I have received your letter, which is apparently undated, so we will call it the most recent letter.
First, with respect to the theoretical question you raise. I think we have good evidence that the plasmagene and the enzyme
are not identical since it is possible to arrange conditions where the rate of enzyme formation is not proportional to the
amount of enzyme but to some other component, presumably the plasmagene. Actually, if you will examine the section on the
theory of gene action in the Cold Spring Harbor article, a copy of which I am sending under separate cover, you will find
that in essence, under normal conditions, what was concerned with is the plasmagene-enzyme complex so that the rate of enzyme
production would be proportional to the product of the two components of the enzyme-forming complex.
Let me hasten to agree that I certainly could have organized my charts a little better, perhaps even a lot better, in the
articles you mentioned, but we had some difficulty with the editors in putting in the kind of charts we really wanted, and
so I finally got disgusted and let it go the way it is.

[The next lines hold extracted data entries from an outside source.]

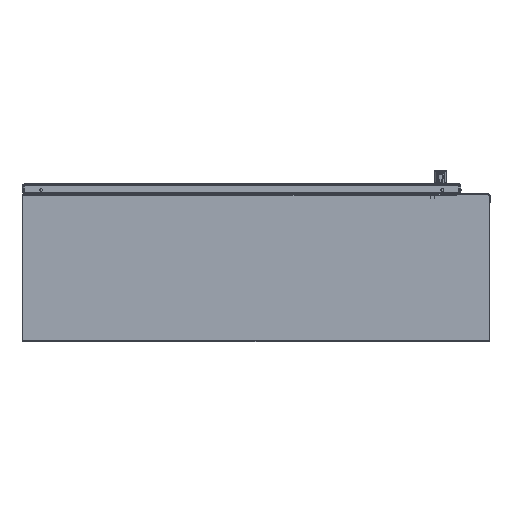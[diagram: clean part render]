
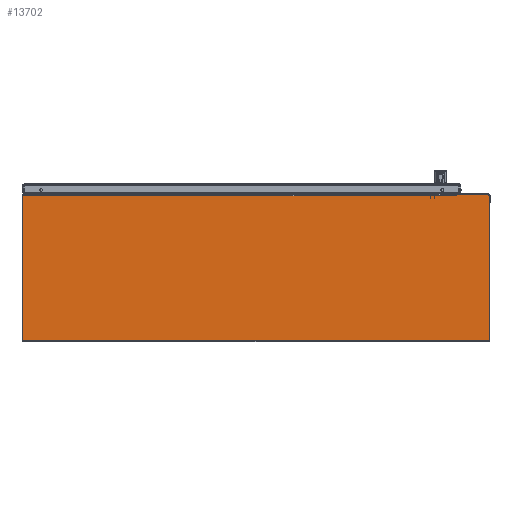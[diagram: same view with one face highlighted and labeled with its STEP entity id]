
A CAD part, front view. The second image highlights one B-rep face of the part: STEP entity #13702.
In plain terms, the highlighted planar face has unit normal (0, -1, 0) as drawn and (0, 0, 1) by its records, which use the part's own axes.
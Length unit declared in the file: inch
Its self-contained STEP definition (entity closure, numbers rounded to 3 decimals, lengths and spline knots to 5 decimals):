
#625 = VERTEX_POINT ( 'NONE', #19333 ) ;
#1112 = AXIS2_PLACEMENT_3D ( 'NONE', #76018, #30737, #8563 ) ;
#3319 = DIRECTION ( 'NONE',  ( 1., 0., 0. ) ) ;
#3903 = VECTOR ( 'NONE', #49128, 39.37008 ) ;
#4243 = CIRCLE ( 'NONE', #97785, 0.102 ) ;
#4311 = EDGE_CURVE ( 'NONE', #14257, #55661, #94925, .T. ) ;
#5083 = CARTESIAN_POINT ( 'NONE',  ( 19.566, 11.849, 0.072 ) ) ;
#5776 = DIRECTION ( 'NONE',  ( 1., 0., 0. ) ) ;
#5881 = EDGE_LOOP ( 'NONE', ( #36071, #85806, #34351, #39010, #8723, #94998, #7675, #26609, #18410 ) ) ;
#6803 = DIRECTION ( 'NONE',  ( 1., 0., 0. ) ) ;
#7675 = ORIENTED_EDGE ( 'NONE', *, *, #10084, .T. ) ;
#8563 = DIRECTION ( 'NONE',  ( 1., 0., 0. ) ) ;
#8723 = ORIENTED_EDGE ( 'NONE', *, *, #33592, .T. ) ;
#9397 = DIRECTION ( 'NONE',  ( 0., -1., 0. ) ) ;
#10084 = EDGE_CURVE ( 'NONE', #66364, #14257, #4243, .T. ) ;
#13702 = ADVANCED_FACE ( 'NONE', ( #37708 ), #89651, .T. ) ;
#14257 = VERTEX_POINT ( 'NONE', #21370 ) ;
#16952 = DIRECTION ( 'NONE',  ( 0., -1., 0. ) ) ;
#17407 = CARTESIAN_POINT ( 'NONE',  ( 16.99, 11.763, 0.072 ) ) ;
#17854 = CARTESIAN_POINT ( 'NONE',  ( -18.028, 0.102, 0.072 ) ) ;
#18410 = ORIENTED_EDGE ( 'NONE', *, *, #61633, .T. ) ;
#19333 = CARTESIAN_POINT ( 'NONE',  ( 19.668, 11.747, 0.072 ) ) ;
#21370 = CARTESIAN_POINT ( 'NONE',  ( -18.028, 0., 0.072 ) ) ;
#23881 = CARTESIAN_POINT ( 'NONE',  ( -18.13, 11.925, 0.072 ) ) ;
#26388 = LINE ( 'NONE', #23881, #86678 ) ;
#26547 = VERTEX_POINT ( 'NONE', #39862 ) ;
#26609 = ORIENTED_EDGE ( 'NONE', *, *, #4311, .T. ) ;
#27287 = CIRCLE ( 'NONE', #83717, 0.102 ) ;
#30737 = DIRECTION ( 'NONE',  ( 0., 0., 1. ) ) ;
#33035 = LINE ( 'NONE', #17407, #42535 ) ;
#33592 = EDGE_CURVE ( 'NONE', #26547, #74795, #33035, .T. ) ;
#33682 = DIRECTION ( 'NONE',  ( 0., 0., 1. ) ) ;
#34351 = ORIENTED_EDGE ( 'NONE', *, *, #78158, .F. ) ;
#35183 = DIRECTION ( 'NONE',  ( 0., 0., 1. ) ) ;
#35859 = EDGE_CURVE ( 'NONE', #35924, #625, #93073, .T. ) ;
#35924 = VERTEX_POINT ( 'NONE', #81335 ) ;
#36008 = EDGE_CURVE ( 'NONE', #625, #70535, #71872, .T. ) ;
#36071 = ORIENTED_EDGE ( 'NONE', *, *, #35859, .T. ) ;
#37708 = FACE_OUTER_BOUND ( 'NONE', #5881, .T. ) ;
#37818 = CARTESIAN_POINT ( 'NONE',  ( 19.668, 11.849, 0.072 ) ) ;
#38096 = LINE ( 'NONE', #37818, #55876 ) ;
#39010 = ORIENTED_EDGE ( 'NONE', *, *, #82912, .T. ) ;
#39862 = CARTESIAN_POINT ( 'NONE',  ( 16.99, 11.763, 0.072 ) ) ;
#39974 = VECTOR ( 'NONE', #9397, 39.37008 ) ;
#41532 = CARTESIAN_POINT ( 'NONE',  ( -18.13, 0., 0.072 ) ) ;
#42136 = CARTESIAN_POINT ( 'NONE',  ( 19.566, 0.102, 0.072 ) ) ;
#42535 = VECTOR ( 'NONE', #85123, 39.37008 ) ;
#49128 = DIRECTION ( 'NONE',  ( 1., 0., 0. ) ) ;
#55222 = CARTESIAN_POINT ( 'NONE',  ( 19.566, 0., 0.072 ) ) ;
#55661 = VERTEX_POINT ( 'NONE', #55222 ) ;
#55876 = VECTOR ( 'NONE', #6803, 39.37008 ) ;
#58035 = EDGE_CURVE ( 'NONE', #74795, #66364, #26388, .T. ) ;
#59503 = CARTESIAN_POINT ( 'NONE',  ( 19.668, 11.925, 0.072 ) ) ;
#61633 = EDGE_CURVE ( 'NONE', #55661, #35924, #27287, .T. ) ;
#62932 = CARTESIAN_POINT ( 'NONE',  ( 16.99, 0., 0.072 ) ) ;
#63203 = CARTESIAN_POINT ( 'NONE',  ( 16.99, 11.849, 0.072 ) ) ;
#66364 = VERTEX_POINT ( 'NONE', #90539 ) ;
#66527 = CARTESIAN_POINT ( 'NONE',  ( -18.13, 0., 0.072 ) ) ;
#70535 = VERTEX_POINT ( 'NONE', #5083 ) ;
#71872 = CIRCLE ( 'NONE', #1112, 0.102 ) ;
#72979 = VECTOR ( 'NONE', #74068, 39.37008 ) ;
#74068 = DIRECTION ( 'NONE',  ( 0., 1., 0. ) ) ;
#74472 = AXIS2_PLACEMENT_3D ( 'NONE', #66527, #89019, #88367 ) ;
#74795 = VERTEX_POINT ( 'NONE', #85723 ) ;
#76018 = CARTESIAN_POINT ( 'NONE',  ( 19.566, 11.747, 0.072 ) ) ;
#78158 = EDGE_CURVE ( 'NONE', #78748, #70535, #38096, .T. ) ;
#78748 = VERTEX_POINT ( 'NONE', #63203 ) ;
#81335 = CARTESIAN_POINT ( 'NONE',  ( 19.668, 0.102, 0.072 ) ) ;
#82912 = EDGE_CURVE ( 'NONE', #78748, #26547, #93179, .T. ) ;
#83717 = AXIS2_PLACEMENT_3D ( 'NONE', #42136, #35183, #5776 ) ;
#85123 = DIRECTION ( 'NONE',  ( -1., 0., 0. ) ) ;
#85723 = CARTESIAN_POINT ( 'NONE',  ( -18.13, 11.763, 0.072 ) ) ;
#85806 = ORIENTED_EDGE ( 'NONE', *, *, #36008, .T. ) ;
#86678 = VECTOR ( 'NONE', #16952, 39.37008 ) ;
#88367 = DIRECTION ( 'NONE',  ( 1., 0., 0. ) ) ;
#89019 = DIRECTION ( 'NONE',  ( 0., 0., 1. ) ) ;
#89651 = PLANE ( 'NONE',  #74472 ) ;
#90539 = CARTESIAN_POINT ( 'NONE',  ( -18.13, 0.102, 0.072 ) ) ;
#93073 = LINE ( 'NONE', #59503, #72979 ) ;
#93179 = LINE ( 'NONE', #62932, #39974 ) ;
#94925 = LINE ( 'NONE', #41532, #3903 ) ;
#94998 = ORIENTED_EDGE ( 'NONE', *, *, #58035, .T. ) ;
#97785 = AXIS2_PLACEMENT_3D ( 'NONE', #17854, #33682, #3319 ) ;

Now as to your last question, we have not published data on the rate of adaptation with a wide range of substrate concentrations
for a very simple reason. And analysis of the kinetics is complicated by the fact that under usual conditions, the adapting
substrate is used as a source of energy for the formation of the enzyme being studied. It was therefore necessary to wait
until a procedure or condition could be devised under which the adapting substrate was not supplying the source of energy.
Such a condition has been obtained as you remember by the finding that it is possible to get adaptation under circumstances
in which the substrate was not being used. This was further extended so that we were able to employ unutilizable analogs
of substrate to induce specific enzyme systems. Once that was obtained, it was possible to perform the kind of experiments
that you desire and it was performed by Mr. Sussman, who finds that he got a typical activity saturation curve which attained
its maximal rate of enzyme induction at about 1.2%. These results, along with the use of the analogs, will be published as
soon as I can find the time to write up the final manuscript.
Finally, I am sure you will be interested to know that we have recently made some rather dramatic advances along more genetic
lines. We have been able to obtain a system with which we can with ease duplicate the essential features of the melibiose
inheritance story and this system is much easier to analyze and to handle, and we have been able to employ it with great fruitfulness
in pushing the experimental test of the plasmagene theory of gene action which I proposed at the 1946 Cold Spring Harbor Symposium.
The number of predictions being confirmed, I must confess, is embarrassingly large even to me.